Les violences faites aux femmes sont d'une actualité toujours aussi insupportable. En France, Louise Mey dans son roman "La deuxième femme" publié au Masque a su donner une voix aux victimes, mettre à jour les mécanismes de l'emprise et interroger l'indulgence qui autorise encore trop souvent les bourreaux à revenir sur les lieux d'un premier crime. Mais l'horreur des féminicides n'est pas française.
"Keeper", le titre du roman de la Britannique Jessica Moor offre une polysémie troublante. Si le gardien n'est pas un ange, n'est-il pas parfois celui qui enferme et maintient sous sa coupe? En lui préférant pour l'édition française "Les femmes qui craignaient les hommes", Belfond rétablit la jurisprudence dont les cours d'assises nous renvoient l'écho.
Dans ce roman, la victime est une énigme. Elle s'appelle Katie, travaille dans un refuge pour femmes en danger et s'est apparemment suicidée en se jetant du haut d'un pont. Une énigme rendue oppressante par la construction alternée des chapitres entre "Avant" et "Maintenant". Ils nous délivrent peu à peu la chronologie d'une relation toxique de Katie avec un personnage dont l'identité reste un mystère pour les policiers chargés de l'enquête.
L'inspecteur Whitworth, associé à un jeune inspecteur, participe de cette "naïveté" qui sous-estime en permanence la nature du mal. Et bien-sûr, l'hostilité que la directrice du centre exprime à l'égard des hommes en général et de Whitworth en particulier reste incompréhensible. Par contraste, le flic pense à sa mère qui allait sans broncher à l'usine tout en régentant d'une main de fer quatre gamins et un mari alcoolique. "Et oui, il était déjà arrivé que son père lui colle une droite en revenant du pub. Qu'elle lui rendait sur le champ, d'ailleurs. Voilà comment ça se passait."
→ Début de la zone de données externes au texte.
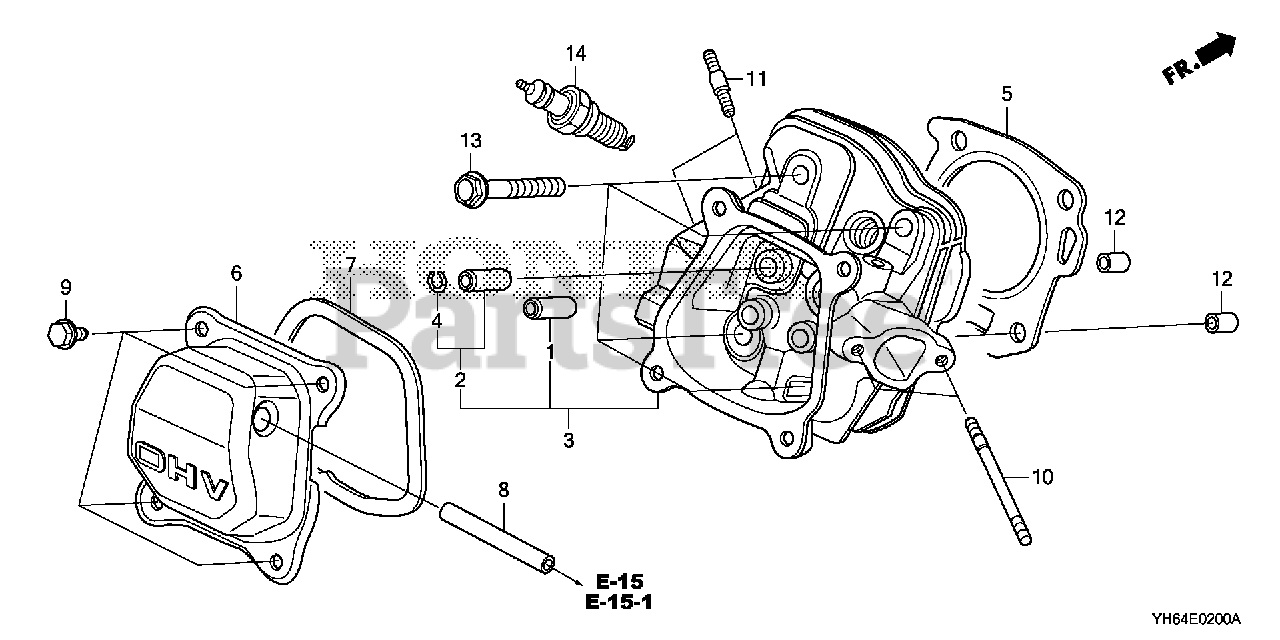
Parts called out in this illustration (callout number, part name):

Et voila surtout comment on passe à côtés des signaux de détresse que les femmes destinent en vain aux services spécialisés. Le roman passionnant de Jessica Moor et sa fin glaçante nous rappellent cette autre vérité de Margaret Atwood: "Les hommes ont peur que les femmes se moquent d'eux. Les femmes ont peur que les hommes les tuent."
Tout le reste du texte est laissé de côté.